WHAT THE TASK ASKS:
Find the line that contains "#2757=CARTESIAN_POINT('',(0.,0.,0.95));" in the entries below. Output it and each later line exactly, and nothing else.

Records from a collection
────────────────────

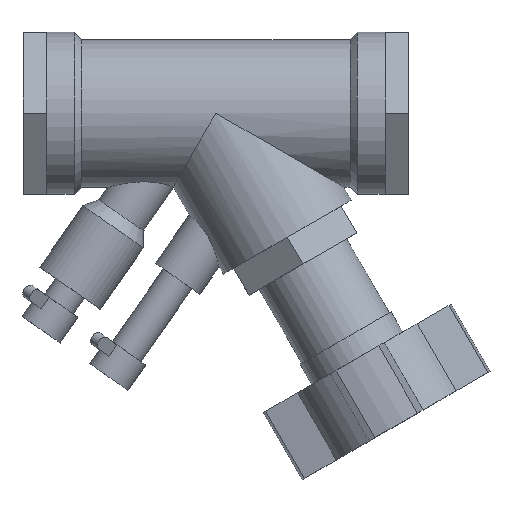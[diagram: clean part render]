
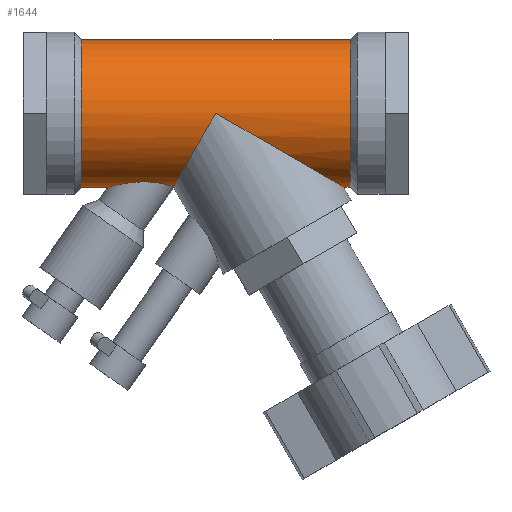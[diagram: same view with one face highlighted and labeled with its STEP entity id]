
A CAD part, top view. The second image highlights one B-rep face of the part: STEP entity #1644.
In plain terms, the highlighted cylindrical face has radius 24.13 mm (diameter 48.26 mm), a full revolution.
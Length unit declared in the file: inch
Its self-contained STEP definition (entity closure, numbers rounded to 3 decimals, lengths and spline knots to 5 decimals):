
#45=ELLIPSE('',#1804,1.9,0.95);
#46=ELLIPSE('',#1805,1.09697,0.95);
#47=ELLIPSE('',#1808,1.09697,0.95);
#48=ELLIPSE('',#1809,1.9,0.95);
#52=B_SPLINE_CURVE_WITH_KNOTS('',3,(#2694,#2695,#2696,#2697,#2698,#2699,
#2700,#2701,#2702,#2703,#2704,#2705,#2706,#2707,#2708,#2709,#2710,#2711,
#2712,#2713,#2714),.UNSPECIFIED.,.F.,.F.,(4,2,2,2,2,3,2,2,2,4),(4.43821,
4.60848,4.77874,5.11927,5.57319,6.02711,
6.40823,6.78935,7.12056,7.25581),
 .UNSPECIFIED.);
#53=B_SPLINE_CURVE_WITH_KNOTS('',3,(#2716,#2717,#2718,#2719,#2720,#2721,
#2722,#2723,#2724,#2725,#2726,#2727,#2728,#2729,#2730,#2731,#2732,#2733,
#2734,#2735),.UNSPECIFIED.,.F.,.F.,(4,2,2,2,2,2,2,2,2,4),(1.62062,
1.75587,2.08708,2.4682,2.84932,3.30324,
3.75715,4.09768,4.26795,4.43821),
 .UNSPECIFIED.);
#135=LINE('',#2748,#269);
#136=LINE('',#2753,#270);
#269=VECTOR('',#2168,0.95);
#270=VECTOR('',#2173,0.95);
#345=CYLINDRICAL_SURFACE('',#1802,0.95);
#415=FACE_OUTER_BOUND('',#510,.T.);
#510=EDGE_LOOP('',(#1234,#1235,#1236,#1237,#1238,#1239,#1240,#1241,#1242,
#1243,#1244,#1245,#1246,#1247));
#604=CIRCLE('',#1803,0.95);
#605=CIRCLE('',#1806,0.95);
#606=CIRCLE('',#1807,0.95);
#607=CIRCLE('',#1810,0.95);
#721=VERTEX_POINT('',#2687);
#723=VERTEX_POINT('',#2693);
#724=VERTEX_POINT('',#2715);
#725=VERTEX_POINT('',#2744);
#726=VERTEX_POINT('',#2745);
#727=VERTEX_POINT('',#2747);
#728=VERTEX_POINT('',#2749);
#729=VERTEX_POINT('',#2752);
#730=VERTEX_POINT('',#2754);
#731=VERTEX_POINT('',#2757);
#907=EDGE_CURVE('',#723,#721,#52,.T.);
#908=EDGE_CURVE('',#724,#723,#53,.T.);
#912=EDGE_CURVE('',#725,#726,#604,.T.);
#913=EDGE_CURVE('',#726,#727,#135,.T.);
#914=EDGE_CURVE('',#727,#728,#45,.T.);
#915=EDGE_CURVE('',#728,#724,#46,.T.);
#916=EDGE_CURVE('',#723,#729,#136,.T.);
#917=EDGE_CURVE('',#729,#730,#605,.T.);
#918=EDGE_CURVE('',#730,#729,#606,.T.);
#919=EDGE_CURVE('',#721,#731,#47,.T.);
#920=EDGE_CURVE('',#731,#727,#48,.T.);
#921=EDGE_CURVE('',#726,#725,#607,.T.);
#1234=ORIENTED_EDGE('',*,*,#912,.T.);
#1235=ORIENTED_EDGE('',*,*,#913,.T.);
#1236=ORIENTED_EDGE('',*,*,#914,.T.);
#1237=ORIENTED_EDGE('',*,*,#915,.T.);
#1238=ORIENTED_EDGE('',*,*,#908,.T.);
#1239=ORIENTED_EDGE('',*,*,#916,.T.);
#1240=ORIENTED_EDGE('',*,*,#917,.T.);
#1241=ORIENTED_EDGE('',*,*,#918,.T.);
#1242=ORIENTED_EDGE('',*,*,#916,.F.);
#1243=ORIENTED_EDGE('',*,*,#907,.T.);
#1244=ORIENTED_EDGE('',*,*,#919,.T.);
#1245=ORIENTED_EDGE('',*,*,#920,.T.);
#1246=ORIENTED_EDGE('',*,*,#913,.F.);
#1247=ORIENTED_EDGE('',*,*,#921,.T.);
#1644=ADVANCED_FACE('',(#415),#345,.T.);
#1802=AXIS2_PLACEMENT_3D('',#2743,#2164,#2165);
#1803=AXIS2_PLACEMENT_3D('',#2746,#2166,#2167);
#1804=AXIS2_PLACEMENT_3D('',#2750,#2169,#2170);
#1805=AXIS2_PLACEMENT_3D('',#2751,#2171,#2172);
#1806=AXIS2_PLACEMENT_3D('',#2755,#2174,#2175);
#1807=AXIS2_PLACEMENT_3D('',#2756,#2176,#2177);
#1808=AXIS2_PLACEMENT_3D('',#2758,#2178,#2179);
#1809=AXIS2_PLACEMENT_3D('',#2759,#2180,#2181);
#1810=AXIS2_PLACEMENT_3D('',#2760,#2182,#2183);
#2164=DIRECTION('center_axis',(1.,0.,0.));
#2165=DIRECTION('ref_axis',(0.,1.,0.));
#2166=DIRECTION('center_axis',(-1.,0.,0.));
#2167=DIRECTION('ref_axis',(0.,1.,0.));
#2168=DIRECTION('',(-1.,0.,0.));
#2169=DIRECTION('center_axis',(0.5,0.866,0.));
#2170=DIRECTION('ref_axis',(-0.866,0.5,0.));
#2171=DIRECTION('center_axis',(-0.866,0.5,0.));
#2172=DIRECTION('ref_axis',(-0.5,-0.866,0.));
#2173=DIRECTION('',(-1.,0.,0.));
#2174=DIRECTION('center_axis',(1.,0.,0.));
#2175=DIRECTION('ref_axis',(0.,1.,0.));
#2176=DIRECTION('center_axis',(1.,0.,0.));
#2177=DIRECTION('ref_axis',(0.,1.,0.));
#2178=DIRECTION('center_axis',(-0.866,0.5,0.));
#2179=DIRECTION('ref_axis',(-0.5,-0.866,0.));
#2180=DIRECTION('center_axis',(0.5,0.866,0.));
#2181=DIRECTION('ref_axis',(-0.866,0.5,0.));
#2182=DIRECTION('center_axis',(-1.,0.,0.));
#2183=DIRECTION('ref_axis',(0.,1.,0.));
#2687=CARTESIAN_POINT('',(-0.54659,-0.94673,0.07876));
#2693=CARTESIAN_POINT('',(-1.39247,-0.95,0.));
#2694=CARTESIAN_POINT('Ctrl Pts',(-1.39247,-0.95,0.));
#2695=CARTESIAN_POINT('Ctrl Pts',(-1.39247,-0.95,0.02234));
#2696=CARTESIAN_POINT('Ctrl Pts',(-1.38925,-0.94919,
0.04487));
#2697=CARTESIAN_POINT('Ctrl Pts',(-1.37669,-0.94611,
0.08869));
#2698=CARTESIAN_POINT('Ctrl Pts',(-1.36736,-0.94383,0.10999));
#2699=CARTESIAN_POINT('Ctrl Pts',(-1.33219,-0.93552,
0.17009));
#2700=CARTESIAN_POINT('Ctrl Pts',(-1.2989,-0.92802,
0.20512));
#2701=CARTESIAN_POINT('Ctrl Pts',(-1.21818,-0.91187,
0.26908));
#2702=CARTESIAN_POINT('Ctrl Pts',(-1.16172,-0.90198,
0.29899));
#2703=CARTESIAN_POINT('Ctrl Pts',(-1.04164,-0.88753,
0.33948));
#2704=CARTESIAN_POINT('Ctrl Pts',(-0.97798,-0.88318,
0.35));
#2705=CARTESIAN_POINT('Ctrl Pts',(-0.91841,-0.88318,
0.35));
#2706=CARTESIAN_POINT('Ctrl Pts',(-0.86839,-0.88318,
0.35));
#2707=CARTESIAN_POINT('Ctrl Pts',(-0.81443,-0.88637,
0.34235));
#2708=CARTESIAN_POINT('Ctrl Pts',(-0.71555,-0.89937,
0.30658));
#2709=CARTESIAN_POINT('Ctrl Pts',(-0.67068,-0.90905,
0.27826));
#2710=CARTESIAN_POINT('Ctrl Pts',(-0.60584,-0.9263,
0.21317));
#2711=CARTESIAN_POINT('Ctrl Pts',(-0.58006,-0.93479,
0.17463));
#2712=CARTESIAN_POINT('Ctrl Pts',(-0.55618,-0.94319,
0.11487));
#2713=CARTESIAN_POINT('Ctrl Pts',(-0.55066,-0.94522,
0.09692));
#2714=CARTESIAN_POINT('Ctrl Pts',(-0.54659,-0.94673,
0.07876));
#2715=CARTESIAN_POINT('',(-0.54659,-0.94673,-0.07876));
#2716=CARTESIAN_POINT('Ctrl Pts',(-0.54659,-0.94673,
-0.07876));
#2717=CARTESIAN_POINT('Ctrl Pts',(-0.55066,-0.94522,
-0.09692));
#2718=CARTESIAN_POINT('Ctrl Pts',(-0.55618,-0.94319,
-0.11487));
#2719=CARTESIAN_POINT('Ctrl Pts',(-0.58006,-0.93479,
-0.17463));
#2720=CARTESIAN_POINT('Ctrl Pts',(-0.60584,-0.9263,
-0.21317));
#2721=CARTESIAN_POINT('Ctrl Pts',(-0.67068,-0.90905,
-0.27826));
#2722=CARTESIAN_POINT('Ctrl Pts',(-0.71555,-0.89937,
-0.30658));
#2723=CARTESIAN_POINT('Ctrl Pts',(-0.81443,-0.88637,
-0.34235));
#2724=CARTESIAN_POINT('Ctrl Pts',(-0.86839,-0.88318,
-0.35));
#2725=CARTESIAN_POINT('Ctrl Pts',(-0.97798,-0.88318,
-0.35));
#2726=CARTESIAN_POINT('Ctrl Pts',(-1.04164,-0.88753,
-0.33948));
#2727=CARTESIAN_POINT('Ctrl Pts',(-1.16172,-0.90198,
-0.29899));
#2728=CARTESIAN_POINT('Ctrl Pts',(-1.21818,-0.91187,
-0.26908));
#2729=CARTESIAN_POINT('Ctrl Pts',(-1.2989,-0.92802,
-0.20512));
#2730=CARTESIAN_POINT('Ctrl Pts',(-1.33219,-0.93552,
-0.17009));
#2731=CARTESIAN_POINT('Ctrl Pts',(-1.36736,-0.94383,-0.10999));
#2732=CARTESIAN_POINT('Ctrl Pts',(-1.37669,-0.94611,
-0.08869));
#2733=CARTESIAN_POINT('Ctrl Pts',(-1.38925,-0.94919,
-0.04487));
#2734=CARTESIAN_POINT('Ctrl Pts',(-1.39247,-0.95,-0.02234));
#2735=CARTESIAN_POINT('Ctrl Pts',(-1.39247,-0.95,0.));
#2743=CARTESIAN_POINT('Origin',(0.,0.,
0.));
#2744=CARTESIAN_POINT('',(1.73,0.95,0.));
#2745=CARTESIAN_POINT('',(1.73,-0.95,0.));
#2746=CARTESIAN_POINT('Origin',(1.73,0.,0.));
#2747=CARTESIAN_POINT('',(1.64545,-0.95,0.));
#2748=CARTESIAN_POINT('',(0.,-0.95,0.));
#2749=CARTESIAN_POINT('',(0.,0.,-0.95));
#2750=CARTESIAN_POINT('Origin',(0.,0.,
0.));
#2751=CARTESIAN_POINT('Origin',(0.,0.,0.));
#2752=CARTESIAN_POINT('',(-1.73,-0.95,0.));
#2753=CARTESIAN_POINT('',(0.,-0.95,0.));
#2754=CARTESIAN_POINT('',(-1.73,0.95,0.));
#2755=CARTESIAN_POINT('Origin',(-1.73,0.,0.));
#2756=CARTESIAN_POINT('Origin',(-1.73,0.,0.));
#2757=CARTESIAN_POINT('',(0.,0.,0.95));
#2758=CARTESIAN_POINT('Origin',(0.,0.,0.));
#2759=CARTESIAN_POINT('Origin',(0.,0.,
0.));
#2760=CARTESIAN_POINT('Origin',(1.73,0.,0.));

────────────────────

RESULT OF THIS EXERCISE:
#2757=CARTESIAN_POINT('',(0.,0.,0.95));
#2758=CARTESIAN_POINT('Origin',(0.,0.,0.));
#2759=CARTESIAN_POINT('Origin',(0.,0.,
0.));
#2760=CARTESIAN_POINT('Origin',(1.73,0.,0.));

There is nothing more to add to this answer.